Independents (who participate at reduced levels in non-presidential elections) tend to break against incumbent parties in elections like this one. But which incumbent will they punish? Given Trump’s unparalleled ability to dominate the news every hour of every day, you’d have to figure he will be more front-of-mind with undecided voters than Murphy, or at least that’s what Democrats hope.

Unlike the off-year contest in Virginia, where toxic texts from the Democratic nominee for attorney general have all but overshadowed the gubernatorial election, Sherrill and Ciattarelli have the spotlight all to themselves (the only other statewide office up this year is that of the Lieutenant Governor, who runs on a ticket with the candidate for governor). Some late public polls are being touted by Republicans as showing a surge for their candidate, but that could be because they were conducted by pollsters who are often pro-GOP outliers. Quantus Insights has Sherrill leading by three points, co/efficient shows her up by one, and Emerson — which had the race tied in September — has Sherrill up by two points, all results within the margin of error. The very latest poll, from Quinnipiac, has Sherrill ahead 51 percent to 43 percent among likely voters, pretty much where they had the race in September and early October.
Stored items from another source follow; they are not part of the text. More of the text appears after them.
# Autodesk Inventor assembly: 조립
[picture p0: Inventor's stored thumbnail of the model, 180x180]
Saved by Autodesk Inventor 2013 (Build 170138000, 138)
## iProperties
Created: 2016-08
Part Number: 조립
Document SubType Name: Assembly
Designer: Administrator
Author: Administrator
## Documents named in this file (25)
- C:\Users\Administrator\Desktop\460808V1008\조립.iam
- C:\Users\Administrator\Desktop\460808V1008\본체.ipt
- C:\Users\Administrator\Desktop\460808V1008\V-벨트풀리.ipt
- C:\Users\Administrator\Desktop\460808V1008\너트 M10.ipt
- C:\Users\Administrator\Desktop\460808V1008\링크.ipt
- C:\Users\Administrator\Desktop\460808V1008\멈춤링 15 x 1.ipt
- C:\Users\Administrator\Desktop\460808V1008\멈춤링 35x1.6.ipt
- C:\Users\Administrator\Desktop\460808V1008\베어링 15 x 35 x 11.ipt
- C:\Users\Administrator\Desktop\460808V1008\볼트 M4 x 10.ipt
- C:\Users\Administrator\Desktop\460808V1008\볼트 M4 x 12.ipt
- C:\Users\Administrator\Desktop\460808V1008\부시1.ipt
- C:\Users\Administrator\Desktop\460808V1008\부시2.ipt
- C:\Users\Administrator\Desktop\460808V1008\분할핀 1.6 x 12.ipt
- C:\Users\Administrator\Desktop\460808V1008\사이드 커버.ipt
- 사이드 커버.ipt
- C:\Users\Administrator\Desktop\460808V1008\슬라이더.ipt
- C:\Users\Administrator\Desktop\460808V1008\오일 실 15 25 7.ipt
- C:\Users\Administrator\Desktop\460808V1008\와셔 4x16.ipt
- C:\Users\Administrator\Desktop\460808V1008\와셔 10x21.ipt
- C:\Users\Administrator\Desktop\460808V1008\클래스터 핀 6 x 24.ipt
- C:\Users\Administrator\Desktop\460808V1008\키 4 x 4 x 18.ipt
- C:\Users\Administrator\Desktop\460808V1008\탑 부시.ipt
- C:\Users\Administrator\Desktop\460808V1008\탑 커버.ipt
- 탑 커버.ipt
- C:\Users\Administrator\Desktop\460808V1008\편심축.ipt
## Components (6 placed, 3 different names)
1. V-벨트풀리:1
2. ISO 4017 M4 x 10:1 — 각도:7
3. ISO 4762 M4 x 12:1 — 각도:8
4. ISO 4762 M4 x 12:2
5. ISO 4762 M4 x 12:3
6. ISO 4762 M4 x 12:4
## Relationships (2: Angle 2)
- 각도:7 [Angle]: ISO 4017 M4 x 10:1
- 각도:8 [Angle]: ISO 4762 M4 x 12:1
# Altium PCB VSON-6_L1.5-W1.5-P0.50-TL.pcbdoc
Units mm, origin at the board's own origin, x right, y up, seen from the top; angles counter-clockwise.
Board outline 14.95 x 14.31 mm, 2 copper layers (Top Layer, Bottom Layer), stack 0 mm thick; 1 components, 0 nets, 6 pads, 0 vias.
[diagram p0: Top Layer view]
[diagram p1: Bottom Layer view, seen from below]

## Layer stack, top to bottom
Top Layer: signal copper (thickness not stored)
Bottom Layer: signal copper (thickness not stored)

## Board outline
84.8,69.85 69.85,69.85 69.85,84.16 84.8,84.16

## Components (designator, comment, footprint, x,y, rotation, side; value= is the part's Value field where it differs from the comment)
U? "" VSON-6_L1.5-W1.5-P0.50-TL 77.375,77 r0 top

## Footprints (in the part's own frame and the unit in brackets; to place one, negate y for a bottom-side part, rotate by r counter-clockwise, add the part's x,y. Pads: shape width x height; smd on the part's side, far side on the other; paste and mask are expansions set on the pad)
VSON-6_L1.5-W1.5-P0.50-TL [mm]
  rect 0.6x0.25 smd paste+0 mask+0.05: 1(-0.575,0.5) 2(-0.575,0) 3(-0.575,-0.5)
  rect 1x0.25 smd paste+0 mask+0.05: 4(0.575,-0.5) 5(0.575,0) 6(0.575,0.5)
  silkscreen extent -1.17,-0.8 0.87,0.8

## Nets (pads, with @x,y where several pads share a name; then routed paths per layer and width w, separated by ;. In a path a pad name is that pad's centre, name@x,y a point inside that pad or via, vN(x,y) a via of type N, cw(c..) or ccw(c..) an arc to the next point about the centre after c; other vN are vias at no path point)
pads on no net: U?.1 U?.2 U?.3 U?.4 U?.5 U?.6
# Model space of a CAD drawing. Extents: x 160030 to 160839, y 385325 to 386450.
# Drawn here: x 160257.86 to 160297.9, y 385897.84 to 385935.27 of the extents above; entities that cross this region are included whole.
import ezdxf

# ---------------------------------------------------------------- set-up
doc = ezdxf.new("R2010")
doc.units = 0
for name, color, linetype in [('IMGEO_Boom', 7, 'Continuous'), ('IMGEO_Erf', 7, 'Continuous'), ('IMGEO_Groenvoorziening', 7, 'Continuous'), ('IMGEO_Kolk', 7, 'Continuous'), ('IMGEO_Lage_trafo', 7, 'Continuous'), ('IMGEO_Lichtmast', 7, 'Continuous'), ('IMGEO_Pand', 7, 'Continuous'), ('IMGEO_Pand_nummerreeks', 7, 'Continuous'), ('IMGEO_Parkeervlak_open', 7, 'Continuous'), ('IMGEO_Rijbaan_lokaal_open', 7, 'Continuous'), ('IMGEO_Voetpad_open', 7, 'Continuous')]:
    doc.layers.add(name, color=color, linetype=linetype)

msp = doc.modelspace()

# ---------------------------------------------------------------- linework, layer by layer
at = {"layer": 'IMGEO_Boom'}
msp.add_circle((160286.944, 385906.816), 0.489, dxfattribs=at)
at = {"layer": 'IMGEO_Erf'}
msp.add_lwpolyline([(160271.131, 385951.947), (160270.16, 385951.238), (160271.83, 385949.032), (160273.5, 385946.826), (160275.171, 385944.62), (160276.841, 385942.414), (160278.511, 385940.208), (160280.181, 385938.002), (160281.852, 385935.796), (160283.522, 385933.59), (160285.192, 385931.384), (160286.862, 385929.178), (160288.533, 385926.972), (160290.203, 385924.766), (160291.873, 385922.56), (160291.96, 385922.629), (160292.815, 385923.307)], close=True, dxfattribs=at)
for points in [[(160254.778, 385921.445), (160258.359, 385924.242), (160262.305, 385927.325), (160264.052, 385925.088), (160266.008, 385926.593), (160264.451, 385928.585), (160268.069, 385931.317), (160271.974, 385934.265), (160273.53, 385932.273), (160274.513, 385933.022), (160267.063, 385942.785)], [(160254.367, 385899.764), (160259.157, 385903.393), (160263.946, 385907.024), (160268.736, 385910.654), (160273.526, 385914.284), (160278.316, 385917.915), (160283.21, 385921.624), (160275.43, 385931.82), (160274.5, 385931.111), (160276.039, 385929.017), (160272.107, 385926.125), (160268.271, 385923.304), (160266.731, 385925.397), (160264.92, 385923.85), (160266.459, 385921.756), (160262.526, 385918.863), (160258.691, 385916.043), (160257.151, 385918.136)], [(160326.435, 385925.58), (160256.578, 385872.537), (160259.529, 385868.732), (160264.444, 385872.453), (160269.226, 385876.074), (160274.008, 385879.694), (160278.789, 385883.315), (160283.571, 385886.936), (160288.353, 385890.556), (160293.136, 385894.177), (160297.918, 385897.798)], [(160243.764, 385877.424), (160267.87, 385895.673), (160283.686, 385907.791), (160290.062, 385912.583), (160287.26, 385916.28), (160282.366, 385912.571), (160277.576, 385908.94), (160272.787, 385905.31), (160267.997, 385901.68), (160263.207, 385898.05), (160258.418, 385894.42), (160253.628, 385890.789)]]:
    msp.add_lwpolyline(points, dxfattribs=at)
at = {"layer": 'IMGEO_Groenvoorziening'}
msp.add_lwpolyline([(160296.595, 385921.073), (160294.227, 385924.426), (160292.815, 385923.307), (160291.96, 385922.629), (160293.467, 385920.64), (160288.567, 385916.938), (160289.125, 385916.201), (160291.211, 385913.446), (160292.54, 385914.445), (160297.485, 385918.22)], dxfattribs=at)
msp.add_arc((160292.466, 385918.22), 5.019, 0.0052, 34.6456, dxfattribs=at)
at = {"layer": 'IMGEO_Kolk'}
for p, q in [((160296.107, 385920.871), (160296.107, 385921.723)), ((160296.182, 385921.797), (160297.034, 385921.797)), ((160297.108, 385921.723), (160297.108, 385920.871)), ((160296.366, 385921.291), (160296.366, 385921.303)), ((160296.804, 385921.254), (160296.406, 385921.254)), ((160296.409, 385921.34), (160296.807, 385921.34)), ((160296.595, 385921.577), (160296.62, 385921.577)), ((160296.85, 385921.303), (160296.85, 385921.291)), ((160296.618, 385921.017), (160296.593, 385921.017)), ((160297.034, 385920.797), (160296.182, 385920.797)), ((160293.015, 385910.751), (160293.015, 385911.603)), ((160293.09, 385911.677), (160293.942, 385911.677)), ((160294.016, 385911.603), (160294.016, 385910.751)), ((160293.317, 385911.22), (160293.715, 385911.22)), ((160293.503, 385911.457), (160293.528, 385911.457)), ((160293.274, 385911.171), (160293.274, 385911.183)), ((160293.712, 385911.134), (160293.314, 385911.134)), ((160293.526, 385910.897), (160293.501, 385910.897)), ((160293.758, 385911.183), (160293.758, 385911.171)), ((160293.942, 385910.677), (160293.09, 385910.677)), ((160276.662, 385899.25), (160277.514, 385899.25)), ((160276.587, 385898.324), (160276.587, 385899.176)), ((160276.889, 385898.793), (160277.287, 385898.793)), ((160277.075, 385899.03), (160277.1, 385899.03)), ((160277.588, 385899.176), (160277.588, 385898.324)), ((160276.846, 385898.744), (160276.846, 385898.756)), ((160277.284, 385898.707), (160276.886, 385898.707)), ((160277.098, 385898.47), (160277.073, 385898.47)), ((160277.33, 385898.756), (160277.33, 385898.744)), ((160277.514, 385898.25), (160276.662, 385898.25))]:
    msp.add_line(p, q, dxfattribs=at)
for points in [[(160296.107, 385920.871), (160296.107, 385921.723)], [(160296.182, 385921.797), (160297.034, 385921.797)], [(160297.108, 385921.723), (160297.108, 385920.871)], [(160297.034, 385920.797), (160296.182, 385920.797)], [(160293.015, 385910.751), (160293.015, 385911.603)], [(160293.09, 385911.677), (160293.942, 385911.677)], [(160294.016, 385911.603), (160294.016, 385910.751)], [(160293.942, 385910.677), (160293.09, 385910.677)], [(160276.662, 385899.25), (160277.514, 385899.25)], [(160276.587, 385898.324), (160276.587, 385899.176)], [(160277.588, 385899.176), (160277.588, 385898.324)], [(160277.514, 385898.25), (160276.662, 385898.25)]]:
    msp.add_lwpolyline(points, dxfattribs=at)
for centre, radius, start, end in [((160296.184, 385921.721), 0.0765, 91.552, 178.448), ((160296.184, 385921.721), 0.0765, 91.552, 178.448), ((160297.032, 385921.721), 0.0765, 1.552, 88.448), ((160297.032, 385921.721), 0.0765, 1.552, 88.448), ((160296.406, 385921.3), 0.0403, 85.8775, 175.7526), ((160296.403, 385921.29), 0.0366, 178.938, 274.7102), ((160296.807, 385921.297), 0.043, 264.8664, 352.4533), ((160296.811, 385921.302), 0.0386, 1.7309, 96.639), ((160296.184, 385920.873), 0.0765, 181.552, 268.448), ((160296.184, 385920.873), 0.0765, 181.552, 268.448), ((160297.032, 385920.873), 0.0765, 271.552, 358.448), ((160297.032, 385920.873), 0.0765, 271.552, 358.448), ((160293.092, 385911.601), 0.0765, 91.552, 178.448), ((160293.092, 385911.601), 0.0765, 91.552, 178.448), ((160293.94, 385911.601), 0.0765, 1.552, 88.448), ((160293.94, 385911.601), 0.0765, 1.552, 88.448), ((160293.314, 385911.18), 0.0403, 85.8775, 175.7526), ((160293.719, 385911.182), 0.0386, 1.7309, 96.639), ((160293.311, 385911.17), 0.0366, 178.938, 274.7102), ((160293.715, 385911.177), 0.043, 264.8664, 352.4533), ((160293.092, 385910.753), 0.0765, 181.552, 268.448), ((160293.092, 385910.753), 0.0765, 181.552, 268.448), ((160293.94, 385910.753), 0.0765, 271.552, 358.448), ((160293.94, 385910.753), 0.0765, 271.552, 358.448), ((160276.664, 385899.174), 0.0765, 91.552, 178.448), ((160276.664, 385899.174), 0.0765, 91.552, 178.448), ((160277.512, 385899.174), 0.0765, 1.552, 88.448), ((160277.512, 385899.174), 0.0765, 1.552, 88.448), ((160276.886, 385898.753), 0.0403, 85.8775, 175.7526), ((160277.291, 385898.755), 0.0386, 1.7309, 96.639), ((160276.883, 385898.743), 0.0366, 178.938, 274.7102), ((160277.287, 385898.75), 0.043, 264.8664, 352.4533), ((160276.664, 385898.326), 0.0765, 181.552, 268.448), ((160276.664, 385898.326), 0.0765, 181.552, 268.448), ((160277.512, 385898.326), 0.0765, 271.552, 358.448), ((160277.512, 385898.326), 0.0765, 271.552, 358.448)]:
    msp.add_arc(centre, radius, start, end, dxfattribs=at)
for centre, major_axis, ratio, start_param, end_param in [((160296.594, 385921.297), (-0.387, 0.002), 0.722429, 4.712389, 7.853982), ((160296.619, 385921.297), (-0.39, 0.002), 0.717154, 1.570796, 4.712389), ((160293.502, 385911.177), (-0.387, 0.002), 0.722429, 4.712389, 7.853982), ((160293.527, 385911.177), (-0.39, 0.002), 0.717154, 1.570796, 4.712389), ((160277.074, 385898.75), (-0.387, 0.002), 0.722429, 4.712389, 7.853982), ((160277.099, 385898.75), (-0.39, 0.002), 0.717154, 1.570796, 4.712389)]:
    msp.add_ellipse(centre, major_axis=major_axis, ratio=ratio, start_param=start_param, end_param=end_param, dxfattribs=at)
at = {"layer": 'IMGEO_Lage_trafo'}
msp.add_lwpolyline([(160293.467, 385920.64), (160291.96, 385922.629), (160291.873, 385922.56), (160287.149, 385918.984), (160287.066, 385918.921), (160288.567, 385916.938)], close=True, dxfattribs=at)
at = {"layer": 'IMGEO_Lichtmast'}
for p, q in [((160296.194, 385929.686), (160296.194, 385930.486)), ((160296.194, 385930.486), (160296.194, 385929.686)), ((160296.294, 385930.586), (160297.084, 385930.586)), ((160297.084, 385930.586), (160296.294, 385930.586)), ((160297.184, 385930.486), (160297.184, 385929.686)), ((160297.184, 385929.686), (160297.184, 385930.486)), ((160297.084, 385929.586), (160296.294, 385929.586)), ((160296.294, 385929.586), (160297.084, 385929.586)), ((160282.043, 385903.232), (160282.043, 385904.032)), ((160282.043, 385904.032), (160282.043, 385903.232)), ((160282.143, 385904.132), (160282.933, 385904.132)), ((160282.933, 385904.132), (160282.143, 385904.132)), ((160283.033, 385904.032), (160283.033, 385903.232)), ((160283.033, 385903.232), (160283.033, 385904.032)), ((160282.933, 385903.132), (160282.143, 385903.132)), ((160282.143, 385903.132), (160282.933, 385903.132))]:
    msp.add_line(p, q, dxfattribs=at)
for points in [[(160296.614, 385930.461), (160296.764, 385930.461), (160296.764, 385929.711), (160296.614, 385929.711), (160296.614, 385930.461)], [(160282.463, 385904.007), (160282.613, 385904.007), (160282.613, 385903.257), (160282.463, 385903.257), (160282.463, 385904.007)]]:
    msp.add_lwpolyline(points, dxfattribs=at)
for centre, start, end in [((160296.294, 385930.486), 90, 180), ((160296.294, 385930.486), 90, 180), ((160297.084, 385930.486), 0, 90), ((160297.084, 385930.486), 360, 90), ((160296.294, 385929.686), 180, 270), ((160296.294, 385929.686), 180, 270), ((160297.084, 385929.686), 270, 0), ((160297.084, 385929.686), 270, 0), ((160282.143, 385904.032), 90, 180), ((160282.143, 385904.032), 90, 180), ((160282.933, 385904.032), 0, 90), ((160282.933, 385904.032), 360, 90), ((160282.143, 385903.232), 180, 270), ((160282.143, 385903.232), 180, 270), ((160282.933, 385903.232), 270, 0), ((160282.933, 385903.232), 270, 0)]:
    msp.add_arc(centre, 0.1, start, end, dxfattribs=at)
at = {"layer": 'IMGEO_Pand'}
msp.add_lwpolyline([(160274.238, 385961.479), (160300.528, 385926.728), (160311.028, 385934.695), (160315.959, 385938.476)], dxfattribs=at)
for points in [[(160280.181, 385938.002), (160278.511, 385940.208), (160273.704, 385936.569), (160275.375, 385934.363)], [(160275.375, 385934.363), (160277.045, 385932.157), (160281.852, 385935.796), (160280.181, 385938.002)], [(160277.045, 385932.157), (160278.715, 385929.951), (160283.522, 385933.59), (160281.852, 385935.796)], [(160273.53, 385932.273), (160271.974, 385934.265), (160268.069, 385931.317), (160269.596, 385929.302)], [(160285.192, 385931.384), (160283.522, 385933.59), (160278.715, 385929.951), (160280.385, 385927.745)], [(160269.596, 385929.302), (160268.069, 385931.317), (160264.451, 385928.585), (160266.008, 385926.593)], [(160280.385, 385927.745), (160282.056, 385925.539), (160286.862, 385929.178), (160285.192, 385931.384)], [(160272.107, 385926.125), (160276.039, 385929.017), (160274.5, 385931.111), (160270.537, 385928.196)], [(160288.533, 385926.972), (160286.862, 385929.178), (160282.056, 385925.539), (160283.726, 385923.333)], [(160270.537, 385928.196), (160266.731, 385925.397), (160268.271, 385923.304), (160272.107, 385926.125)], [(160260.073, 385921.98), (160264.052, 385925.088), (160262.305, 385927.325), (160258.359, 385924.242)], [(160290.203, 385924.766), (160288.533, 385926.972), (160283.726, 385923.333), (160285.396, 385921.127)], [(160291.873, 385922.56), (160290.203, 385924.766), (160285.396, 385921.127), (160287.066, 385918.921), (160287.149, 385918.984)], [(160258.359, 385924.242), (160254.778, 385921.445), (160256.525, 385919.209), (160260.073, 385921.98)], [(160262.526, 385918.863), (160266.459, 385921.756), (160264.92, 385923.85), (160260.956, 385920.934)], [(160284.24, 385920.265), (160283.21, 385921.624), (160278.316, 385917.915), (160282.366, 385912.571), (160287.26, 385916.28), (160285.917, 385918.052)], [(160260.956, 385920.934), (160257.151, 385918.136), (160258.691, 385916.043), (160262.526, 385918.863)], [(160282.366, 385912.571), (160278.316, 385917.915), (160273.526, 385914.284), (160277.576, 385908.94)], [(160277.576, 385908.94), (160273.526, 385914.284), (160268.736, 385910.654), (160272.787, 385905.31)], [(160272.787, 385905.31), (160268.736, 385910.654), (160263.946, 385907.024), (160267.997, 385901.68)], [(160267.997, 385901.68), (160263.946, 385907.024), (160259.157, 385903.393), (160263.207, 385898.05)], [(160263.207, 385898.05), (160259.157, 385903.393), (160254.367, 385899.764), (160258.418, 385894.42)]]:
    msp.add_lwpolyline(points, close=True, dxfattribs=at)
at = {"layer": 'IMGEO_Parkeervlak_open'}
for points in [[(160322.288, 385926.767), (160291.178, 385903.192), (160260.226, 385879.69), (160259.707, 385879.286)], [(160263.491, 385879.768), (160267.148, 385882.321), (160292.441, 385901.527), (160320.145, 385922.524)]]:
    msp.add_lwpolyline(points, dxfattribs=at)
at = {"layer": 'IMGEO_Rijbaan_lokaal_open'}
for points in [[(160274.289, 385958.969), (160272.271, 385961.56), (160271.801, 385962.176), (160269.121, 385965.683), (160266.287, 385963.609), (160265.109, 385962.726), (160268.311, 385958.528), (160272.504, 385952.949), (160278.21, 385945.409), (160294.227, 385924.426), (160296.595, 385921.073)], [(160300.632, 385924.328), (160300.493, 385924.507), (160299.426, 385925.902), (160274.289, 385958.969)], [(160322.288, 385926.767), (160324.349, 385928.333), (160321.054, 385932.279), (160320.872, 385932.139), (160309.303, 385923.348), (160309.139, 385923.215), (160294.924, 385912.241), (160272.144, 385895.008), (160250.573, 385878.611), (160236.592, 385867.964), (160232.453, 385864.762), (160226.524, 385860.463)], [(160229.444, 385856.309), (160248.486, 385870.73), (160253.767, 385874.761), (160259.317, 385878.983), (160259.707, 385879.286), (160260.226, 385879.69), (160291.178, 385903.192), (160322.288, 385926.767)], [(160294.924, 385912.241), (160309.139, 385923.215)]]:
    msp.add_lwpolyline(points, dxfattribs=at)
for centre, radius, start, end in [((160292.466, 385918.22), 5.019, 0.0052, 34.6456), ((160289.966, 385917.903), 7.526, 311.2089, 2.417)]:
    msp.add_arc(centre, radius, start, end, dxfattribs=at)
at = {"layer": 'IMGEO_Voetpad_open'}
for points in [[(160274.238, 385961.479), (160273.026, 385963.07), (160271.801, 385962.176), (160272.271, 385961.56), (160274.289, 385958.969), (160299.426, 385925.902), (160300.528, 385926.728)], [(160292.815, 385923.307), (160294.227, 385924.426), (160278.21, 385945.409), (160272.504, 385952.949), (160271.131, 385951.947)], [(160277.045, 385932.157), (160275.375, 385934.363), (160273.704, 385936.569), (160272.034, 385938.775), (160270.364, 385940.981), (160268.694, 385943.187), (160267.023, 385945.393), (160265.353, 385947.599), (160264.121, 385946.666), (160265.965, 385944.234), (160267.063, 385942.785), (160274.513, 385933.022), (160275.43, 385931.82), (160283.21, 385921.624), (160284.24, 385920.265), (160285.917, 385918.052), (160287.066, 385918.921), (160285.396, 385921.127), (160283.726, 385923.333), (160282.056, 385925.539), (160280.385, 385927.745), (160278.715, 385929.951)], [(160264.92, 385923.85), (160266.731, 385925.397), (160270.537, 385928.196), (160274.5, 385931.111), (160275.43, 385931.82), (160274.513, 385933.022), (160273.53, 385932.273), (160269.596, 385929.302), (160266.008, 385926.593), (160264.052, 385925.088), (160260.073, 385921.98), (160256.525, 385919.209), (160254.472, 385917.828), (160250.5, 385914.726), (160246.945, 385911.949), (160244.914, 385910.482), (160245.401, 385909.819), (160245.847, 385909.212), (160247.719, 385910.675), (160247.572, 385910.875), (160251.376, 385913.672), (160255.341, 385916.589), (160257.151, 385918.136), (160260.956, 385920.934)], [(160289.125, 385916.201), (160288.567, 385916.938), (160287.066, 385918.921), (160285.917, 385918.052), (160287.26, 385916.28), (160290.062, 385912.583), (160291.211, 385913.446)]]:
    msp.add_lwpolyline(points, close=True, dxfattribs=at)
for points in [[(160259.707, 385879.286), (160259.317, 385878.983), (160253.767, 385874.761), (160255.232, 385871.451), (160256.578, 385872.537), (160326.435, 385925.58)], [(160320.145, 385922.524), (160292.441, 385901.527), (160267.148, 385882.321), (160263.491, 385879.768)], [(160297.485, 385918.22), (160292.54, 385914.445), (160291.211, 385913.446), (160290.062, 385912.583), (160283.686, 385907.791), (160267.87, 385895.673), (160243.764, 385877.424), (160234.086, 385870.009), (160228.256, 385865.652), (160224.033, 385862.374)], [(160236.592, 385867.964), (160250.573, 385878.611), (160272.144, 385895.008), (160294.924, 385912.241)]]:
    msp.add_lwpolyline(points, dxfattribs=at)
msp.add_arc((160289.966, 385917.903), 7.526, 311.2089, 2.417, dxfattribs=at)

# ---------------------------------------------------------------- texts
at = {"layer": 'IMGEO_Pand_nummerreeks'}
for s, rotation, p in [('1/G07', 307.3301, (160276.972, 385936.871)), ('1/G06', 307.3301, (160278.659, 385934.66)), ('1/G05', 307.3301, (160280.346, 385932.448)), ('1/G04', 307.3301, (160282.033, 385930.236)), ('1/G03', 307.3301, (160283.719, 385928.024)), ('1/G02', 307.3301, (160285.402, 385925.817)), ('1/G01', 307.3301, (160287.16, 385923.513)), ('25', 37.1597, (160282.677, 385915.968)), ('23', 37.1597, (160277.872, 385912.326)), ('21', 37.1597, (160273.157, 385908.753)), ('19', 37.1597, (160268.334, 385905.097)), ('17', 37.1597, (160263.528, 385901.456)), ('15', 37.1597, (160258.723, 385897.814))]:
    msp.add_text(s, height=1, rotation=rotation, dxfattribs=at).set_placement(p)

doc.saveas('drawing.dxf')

Given lingering Democratic concerns about Sherrill, it’s worth noting that she over-performed expectations in the June primary, when she comfortably dispatched five viable rivals. And she may currently suffer in media perceptions by being compared unfavorably to New York City phenomenon Zohran Mamdani, a problem that probably won’t carry over to actual voters. As New Jersey native Matthew Cooper observed, she’s still favored unless some late developments cut the other way:

The best thing Sherrill has going for her is that no one inside the campaign thought this would be easy, and now they’ve had enough scares that they’re not taking anything for granted. The wind may finally be at Sherrill’s back, but as a helicopter pilot, she knows it can shift.  

When will we know the results? It depends. It’s worth noting that New Jersey is one of 22 states that allow mail ballots postmarked by election day to be counted if they are received by election officials within a set period of time (six days, in this case). This is a practice that Trump has loudly denounced as inherently fraudulent, so if the race is very close when Election Day ballots have been counted, you can expect some “stolen election” noise from the White House since mail ballots will definitely skew Democratic. It’s another reason Democrats everywhere are praying that Sherrill, as Cooper puts it, manages to stick the “landing.”